Отныне правило хорошо усвоено: наличие про тивопоставления теории и практики с непреложной силой выступает перед нами, так что обоснованность этих двух величин даже не обсуждается: сколько бы мы ни переворачивали эти два термина, они всегда оказываются налицо.
Не в этом ли состоит суть одной из наиболее глубоко вкоренившихся привычек современного западного мира – или мира вообще, мира, который, по мнению Запада, может быть унифицирован, стандартизован? Мира, где, независимо от распределения ролей, каждый из нас в своем уголку занимается тем же, что и всякий другой в своем: революционер чертит модель государства будущего, военачальник разрабатывает план будущих военных действий, экономист занимается построением кривой планируемого прироста... Столько схем навязано миру, каждая из них отмечена столь образцовой идеальностью, что, как говорится, остается лишь «претворить» их в жизнь. Но что значит «претворить»? Когда они реализуются в окружающей действительности? Во-первых, реализация предполагает мысленное конструирование модели «лучшей жизни»; затем – наличие воли, чтобы перенести данную модель на действительность. Перенести – значит «спустить сверху», как бы сделать оттиск, а стало быть, еще и надавить, навязать силой. Таким моделированием мы пытаемся охватить все стороны реальной действительности, и в этом нами руководит наука, ведь известно, что именно наука составляет основу всякого моделирования (и прежде всего математического), тогда как техническое исполнение, равно как и практическое применение модели с целью материально преобразовать реальный мир признается доказательством эффективности модели.

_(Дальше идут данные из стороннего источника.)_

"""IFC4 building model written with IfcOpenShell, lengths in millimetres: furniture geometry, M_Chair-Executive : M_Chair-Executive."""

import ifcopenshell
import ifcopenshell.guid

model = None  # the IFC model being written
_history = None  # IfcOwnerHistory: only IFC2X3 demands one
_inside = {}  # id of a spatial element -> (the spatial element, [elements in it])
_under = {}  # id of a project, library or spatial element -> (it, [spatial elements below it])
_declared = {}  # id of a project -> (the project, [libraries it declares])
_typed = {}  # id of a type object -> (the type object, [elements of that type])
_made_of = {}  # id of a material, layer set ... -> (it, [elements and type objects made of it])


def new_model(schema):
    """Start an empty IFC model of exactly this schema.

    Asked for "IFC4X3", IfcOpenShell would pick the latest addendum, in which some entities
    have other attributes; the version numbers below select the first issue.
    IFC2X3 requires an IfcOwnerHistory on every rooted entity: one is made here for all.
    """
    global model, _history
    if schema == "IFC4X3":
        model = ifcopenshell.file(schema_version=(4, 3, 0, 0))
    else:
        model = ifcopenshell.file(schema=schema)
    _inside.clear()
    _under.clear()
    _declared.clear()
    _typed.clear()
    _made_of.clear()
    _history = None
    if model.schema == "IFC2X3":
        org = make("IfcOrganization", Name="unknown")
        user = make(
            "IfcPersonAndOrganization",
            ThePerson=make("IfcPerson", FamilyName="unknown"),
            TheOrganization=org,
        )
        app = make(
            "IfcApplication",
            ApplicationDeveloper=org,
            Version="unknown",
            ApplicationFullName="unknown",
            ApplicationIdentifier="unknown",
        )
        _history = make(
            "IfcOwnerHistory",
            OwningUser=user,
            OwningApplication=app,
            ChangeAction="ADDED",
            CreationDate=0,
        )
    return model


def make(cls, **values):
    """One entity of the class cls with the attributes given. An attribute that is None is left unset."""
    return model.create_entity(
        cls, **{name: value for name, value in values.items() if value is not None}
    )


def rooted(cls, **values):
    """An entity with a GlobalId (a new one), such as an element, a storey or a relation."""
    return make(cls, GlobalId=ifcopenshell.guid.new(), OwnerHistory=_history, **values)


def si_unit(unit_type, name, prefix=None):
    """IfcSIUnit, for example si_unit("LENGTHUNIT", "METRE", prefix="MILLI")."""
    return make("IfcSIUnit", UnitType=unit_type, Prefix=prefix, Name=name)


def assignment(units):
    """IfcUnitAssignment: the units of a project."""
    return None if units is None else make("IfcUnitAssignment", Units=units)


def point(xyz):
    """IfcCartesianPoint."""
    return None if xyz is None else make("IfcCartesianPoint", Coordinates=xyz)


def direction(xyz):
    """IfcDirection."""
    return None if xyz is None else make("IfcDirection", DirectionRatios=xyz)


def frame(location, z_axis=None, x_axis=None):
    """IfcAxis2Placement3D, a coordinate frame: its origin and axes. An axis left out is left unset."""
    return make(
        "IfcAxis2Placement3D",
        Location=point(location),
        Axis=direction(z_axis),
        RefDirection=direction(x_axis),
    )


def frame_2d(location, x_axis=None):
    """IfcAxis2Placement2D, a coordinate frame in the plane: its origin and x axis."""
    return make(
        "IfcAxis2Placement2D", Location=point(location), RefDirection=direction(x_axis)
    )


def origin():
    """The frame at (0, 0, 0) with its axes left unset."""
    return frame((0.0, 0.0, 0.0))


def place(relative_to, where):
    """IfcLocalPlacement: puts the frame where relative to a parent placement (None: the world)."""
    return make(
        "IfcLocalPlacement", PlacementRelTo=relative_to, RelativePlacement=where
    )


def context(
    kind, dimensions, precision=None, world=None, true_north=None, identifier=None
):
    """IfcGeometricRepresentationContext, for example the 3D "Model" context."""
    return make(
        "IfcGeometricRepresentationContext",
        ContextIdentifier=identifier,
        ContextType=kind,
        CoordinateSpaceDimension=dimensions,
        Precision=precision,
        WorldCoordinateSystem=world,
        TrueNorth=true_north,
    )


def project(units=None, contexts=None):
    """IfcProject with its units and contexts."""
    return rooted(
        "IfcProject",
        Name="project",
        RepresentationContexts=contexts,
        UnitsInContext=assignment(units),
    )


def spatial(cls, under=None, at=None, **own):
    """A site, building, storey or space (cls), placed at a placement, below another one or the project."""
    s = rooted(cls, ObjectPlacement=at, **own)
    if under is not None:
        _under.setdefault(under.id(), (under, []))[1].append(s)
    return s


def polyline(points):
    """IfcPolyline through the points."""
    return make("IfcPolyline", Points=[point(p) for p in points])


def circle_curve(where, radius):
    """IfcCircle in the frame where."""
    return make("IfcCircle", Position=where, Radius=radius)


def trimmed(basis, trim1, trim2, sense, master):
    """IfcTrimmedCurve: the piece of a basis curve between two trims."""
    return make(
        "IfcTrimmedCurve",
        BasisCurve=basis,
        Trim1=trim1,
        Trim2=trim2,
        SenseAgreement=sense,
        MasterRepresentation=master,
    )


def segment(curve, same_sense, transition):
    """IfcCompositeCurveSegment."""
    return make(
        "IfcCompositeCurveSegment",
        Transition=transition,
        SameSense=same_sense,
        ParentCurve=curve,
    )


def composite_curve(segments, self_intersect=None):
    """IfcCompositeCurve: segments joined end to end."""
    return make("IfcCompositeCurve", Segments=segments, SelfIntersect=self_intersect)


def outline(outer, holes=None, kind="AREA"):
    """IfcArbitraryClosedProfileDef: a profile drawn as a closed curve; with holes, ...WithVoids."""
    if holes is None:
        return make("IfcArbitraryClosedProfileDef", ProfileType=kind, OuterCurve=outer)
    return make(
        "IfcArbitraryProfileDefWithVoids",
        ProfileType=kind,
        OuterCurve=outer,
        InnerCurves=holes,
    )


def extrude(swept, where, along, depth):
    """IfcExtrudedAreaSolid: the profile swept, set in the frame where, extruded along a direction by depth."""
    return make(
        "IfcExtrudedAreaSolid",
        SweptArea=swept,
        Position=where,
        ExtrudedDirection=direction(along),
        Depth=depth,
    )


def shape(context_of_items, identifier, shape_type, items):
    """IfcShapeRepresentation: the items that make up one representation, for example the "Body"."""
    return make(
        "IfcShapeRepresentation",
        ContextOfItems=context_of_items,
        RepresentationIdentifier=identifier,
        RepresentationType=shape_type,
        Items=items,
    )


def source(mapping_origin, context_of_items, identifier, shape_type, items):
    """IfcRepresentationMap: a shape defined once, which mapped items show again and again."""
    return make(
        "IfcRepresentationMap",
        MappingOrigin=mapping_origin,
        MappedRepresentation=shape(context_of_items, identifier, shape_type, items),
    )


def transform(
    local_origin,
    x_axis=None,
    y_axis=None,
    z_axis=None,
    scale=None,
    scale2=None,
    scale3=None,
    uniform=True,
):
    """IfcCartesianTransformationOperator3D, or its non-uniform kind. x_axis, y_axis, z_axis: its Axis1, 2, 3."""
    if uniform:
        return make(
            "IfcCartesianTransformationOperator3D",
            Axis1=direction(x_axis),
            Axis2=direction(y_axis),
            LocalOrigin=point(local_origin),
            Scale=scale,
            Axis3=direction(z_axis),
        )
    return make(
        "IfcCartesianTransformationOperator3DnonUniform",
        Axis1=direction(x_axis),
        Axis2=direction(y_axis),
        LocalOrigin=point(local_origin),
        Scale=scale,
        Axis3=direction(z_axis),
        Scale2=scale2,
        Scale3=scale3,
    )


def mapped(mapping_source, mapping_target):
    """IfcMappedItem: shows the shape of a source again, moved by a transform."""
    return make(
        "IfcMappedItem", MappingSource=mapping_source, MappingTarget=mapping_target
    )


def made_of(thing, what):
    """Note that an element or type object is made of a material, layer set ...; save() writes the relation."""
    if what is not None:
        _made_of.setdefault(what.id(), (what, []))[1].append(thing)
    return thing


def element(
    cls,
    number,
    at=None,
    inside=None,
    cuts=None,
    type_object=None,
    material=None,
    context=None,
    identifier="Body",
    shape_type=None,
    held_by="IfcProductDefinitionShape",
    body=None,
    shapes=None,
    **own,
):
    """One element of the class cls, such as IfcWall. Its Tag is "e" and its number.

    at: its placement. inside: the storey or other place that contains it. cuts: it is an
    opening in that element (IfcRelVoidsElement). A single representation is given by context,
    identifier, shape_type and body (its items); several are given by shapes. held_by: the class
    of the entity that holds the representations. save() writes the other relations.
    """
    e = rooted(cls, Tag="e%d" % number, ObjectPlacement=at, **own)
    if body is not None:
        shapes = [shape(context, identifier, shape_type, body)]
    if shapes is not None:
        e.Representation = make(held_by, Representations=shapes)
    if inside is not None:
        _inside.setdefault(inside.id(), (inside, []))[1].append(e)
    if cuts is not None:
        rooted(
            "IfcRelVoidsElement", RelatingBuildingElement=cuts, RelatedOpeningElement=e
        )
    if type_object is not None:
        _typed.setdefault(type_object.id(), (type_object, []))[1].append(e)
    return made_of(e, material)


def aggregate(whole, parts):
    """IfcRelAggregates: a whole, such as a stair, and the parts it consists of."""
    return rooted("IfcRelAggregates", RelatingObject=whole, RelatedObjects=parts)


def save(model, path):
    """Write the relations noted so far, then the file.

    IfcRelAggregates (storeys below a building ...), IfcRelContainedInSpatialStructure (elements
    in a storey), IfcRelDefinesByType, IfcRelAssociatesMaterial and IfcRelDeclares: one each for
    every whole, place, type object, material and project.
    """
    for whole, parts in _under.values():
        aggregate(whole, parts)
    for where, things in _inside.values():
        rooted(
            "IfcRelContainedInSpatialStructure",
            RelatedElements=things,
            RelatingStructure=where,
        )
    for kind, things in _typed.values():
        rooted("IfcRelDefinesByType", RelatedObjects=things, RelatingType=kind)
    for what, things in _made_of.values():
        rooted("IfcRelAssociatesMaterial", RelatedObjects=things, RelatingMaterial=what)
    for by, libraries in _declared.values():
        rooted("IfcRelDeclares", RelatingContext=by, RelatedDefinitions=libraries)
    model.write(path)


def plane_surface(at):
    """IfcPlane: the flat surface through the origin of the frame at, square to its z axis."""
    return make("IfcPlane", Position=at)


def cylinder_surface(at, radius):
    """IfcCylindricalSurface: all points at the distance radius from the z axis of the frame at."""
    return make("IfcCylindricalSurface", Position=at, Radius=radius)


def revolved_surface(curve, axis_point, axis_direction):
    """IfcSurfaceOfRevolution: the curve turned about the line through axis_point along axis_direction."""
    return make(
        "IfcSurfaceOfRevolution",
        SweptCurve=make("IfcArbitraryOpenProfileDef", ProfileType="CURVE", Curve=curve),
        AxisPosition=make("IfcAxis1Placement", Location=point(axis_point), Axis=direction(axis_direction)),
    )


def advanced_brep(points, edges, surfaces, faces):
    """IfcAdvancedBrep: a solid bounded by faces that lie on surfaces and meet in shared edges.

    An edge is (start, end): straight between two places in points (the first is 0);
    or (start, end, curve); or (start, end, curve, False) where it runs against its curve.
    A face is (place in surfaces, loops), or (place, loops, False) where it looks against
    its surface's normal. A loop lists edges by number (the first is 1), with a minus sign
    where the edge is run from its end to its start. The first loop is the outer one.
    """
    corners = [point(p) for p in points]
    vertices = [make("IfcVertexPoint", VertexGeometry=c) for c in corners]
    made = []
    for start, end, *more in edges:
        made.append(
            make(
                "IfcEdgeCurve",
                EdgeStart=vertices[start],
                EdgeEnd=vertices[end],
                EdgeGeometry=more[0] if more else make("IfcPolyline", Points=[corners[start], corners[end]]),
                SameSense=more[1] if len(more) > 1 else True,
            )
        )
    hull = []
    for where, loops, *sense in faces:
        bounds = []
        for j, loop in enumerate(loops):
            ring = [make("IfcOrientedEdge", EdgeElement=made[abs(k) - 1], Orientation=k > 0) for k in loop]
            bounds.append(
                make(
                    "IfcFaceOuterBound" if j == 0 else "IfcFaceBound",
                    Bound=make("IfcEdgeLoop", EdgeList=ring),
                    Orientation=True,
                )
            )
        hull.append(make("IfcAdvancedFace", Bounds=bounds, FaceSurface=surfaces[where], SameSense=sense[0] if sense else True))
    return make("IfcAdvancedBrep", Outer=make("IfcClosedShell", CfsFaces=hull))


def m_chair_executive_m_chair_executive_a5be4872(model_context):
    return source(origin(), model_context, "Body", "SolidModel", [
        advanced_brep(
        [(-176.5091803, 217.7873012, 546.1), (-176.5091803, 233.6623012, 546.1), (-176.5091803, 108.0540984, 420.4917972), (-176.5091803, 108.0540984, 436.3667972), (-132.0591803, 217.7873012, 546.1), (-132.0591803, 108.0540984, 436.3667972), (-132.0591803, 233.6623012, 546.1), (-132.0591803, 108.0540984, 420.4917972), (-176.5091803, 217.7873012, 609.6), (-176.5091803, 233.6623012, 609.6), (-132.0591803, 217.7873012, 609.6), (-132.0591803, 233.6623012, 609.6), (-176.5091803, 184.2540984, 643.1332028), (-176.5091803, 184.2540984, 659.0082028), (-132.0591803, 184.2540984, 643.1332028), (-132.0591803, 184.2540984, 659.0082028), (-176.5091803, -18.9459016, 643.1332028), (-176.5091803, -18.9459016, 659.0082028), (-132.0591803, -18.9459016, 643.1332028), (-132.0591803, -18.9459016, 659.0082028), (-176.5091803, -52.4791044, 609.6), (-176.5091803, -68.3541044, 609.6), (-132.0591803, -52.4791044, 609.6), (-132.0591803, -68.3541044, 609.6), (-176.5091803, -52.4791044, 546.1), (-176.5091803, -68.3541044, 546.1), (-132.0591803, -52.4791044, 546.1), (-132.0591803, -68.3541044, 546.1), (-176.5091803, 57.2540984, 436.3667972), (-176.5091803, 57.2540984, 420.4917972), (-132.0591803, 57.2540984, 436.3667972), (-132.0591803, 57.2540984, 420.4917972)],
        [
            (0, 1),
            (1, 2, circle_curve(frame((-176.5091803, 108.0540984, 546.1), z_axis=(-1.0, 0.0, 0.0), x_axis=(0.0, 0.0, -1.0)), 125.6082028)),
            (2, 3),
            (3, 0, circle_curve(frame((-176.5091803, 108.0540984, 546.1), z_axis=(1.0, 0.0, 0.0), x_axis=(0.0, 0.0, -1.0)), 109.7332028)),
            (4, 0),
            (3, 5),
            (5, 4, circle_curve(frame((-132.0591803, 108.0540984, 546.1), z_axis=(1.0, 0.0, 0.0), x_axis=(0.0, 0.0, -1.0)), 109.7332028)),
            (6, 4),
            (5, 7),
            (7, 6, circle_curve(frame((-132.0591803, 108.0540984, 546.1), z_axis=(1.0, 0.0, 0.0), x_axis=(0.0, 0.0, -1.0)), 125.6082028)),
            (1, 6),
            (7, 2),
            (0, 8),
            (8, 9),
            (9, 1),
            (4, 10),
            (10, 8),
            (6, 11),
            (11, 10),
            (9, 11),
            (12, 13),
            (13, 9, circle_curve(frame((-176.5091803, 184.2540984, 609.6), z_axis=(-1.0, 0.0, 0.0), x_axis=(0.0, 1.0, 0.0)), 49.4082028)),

Возникает вопрос: если успешное владение технологией моделирования позволяет человеку подчинить себе природу, то нельзя ли распространить эту технологию и на область управления человеческими отношениями? Рассуждая в смысле древнегреческой дихотомии «теория/практика», тот же вопрос можно сформулировать несколько иначе: возможно ли понятие эффективной модели, существующее на уровне производства, творчества (poiesis), распространить также и на область непроизводящего действия (praxis по Аристотелю), на сферу того, что «выполняется», а не того, что «производится»? Различение этих двух аспектов в конечном счете не оправдало себя, поскольку один аспект «калькирует» другой, действие «подражает» творчеству: даже когда от «вещей» мы переходим к человеческим отношениям, предпочтительнее оказывается и впредь сохранять за действующими лицами статус «техников» (мастеров, творцов, демиургов) как более внушающий доверие. Хорошо известно – и Аристотель впервые сам признал этот факт – что в основе эффективности технических изобретений лежит обязательное изучение «вещей» реального мира, освоение их в строгих терминах науки, тогда как человеческое поведение по сути своей не предопределено. Главная особенность человеческого действия заключается в том, что оно не подвластно всеобъемлющей силе законосообразности, и следовательно, в нем не так-то легко усмотреть отражение научных законов. Вот почему, подобно тому как у Аристотеля материя – эта ничем не связанная сила противодействия – оказывает более или менее сильное сопротивление «определению», налагаемому на нее формой, реальный мир человеческих отношений также оказывается практически невозможно «уложить» в создаваемые нами модели. Всегда с необходимостью будет существовать разрыв между нашей моделью для действия – тем, что видится нашему взору, устремленному ввысь, – и тем, чего нам удается достичь. Одним словом, практика всегда хоть чуть- чуть, но отклоняется от теории. А образец остается неизменно-совершенным где-то на горизонте рассмотрения. Идеал возносится к небесам – и становится недоступным.
2. Пока это лишь первое слово, сказанное в истории для освещения отношений между теорией и практикой, – но ведь философия не приемлет провалов! И в самом деле, разве допустимо оставлять столь беспомощным в окружающем мире человека, наделенного способностью к научной деятельности и благодаря науке познавшего совершенство сути вещей? Человеку пристало не только мыслить, но действовать и побеждать.
В спорах о форме и материи, или, говоря словами трагических поэтов Греции, о «наилучшем» и «необходимом», Аристотелю удалось вычленить способность, назначение которой – привести практику на смену теории, ликвидировать разрыв между ними. Речь идет об интеллектуальной (дианоэтической) добродетели, непосредственно подчиняющей себе наше действие и обеспечивающей искомое посредничество между теоретическим и практическим аспектами действия. Такая практическая мудрость есть не что иное, как то самое, что традиционно называется «рассудительностью» (phronesis). Ею обладает тот, кто способен самостоятельно и безошибочно разобраться в том, что для него хорошо и выгодно («Никомахова этика», VI, 5). Рассудительность не есть наука, так как занимается отдельными случаями, а не общими законами. Она не есть и искусство (techne), У потому что нацелена на действие (praxis), а не на производство (poiesis).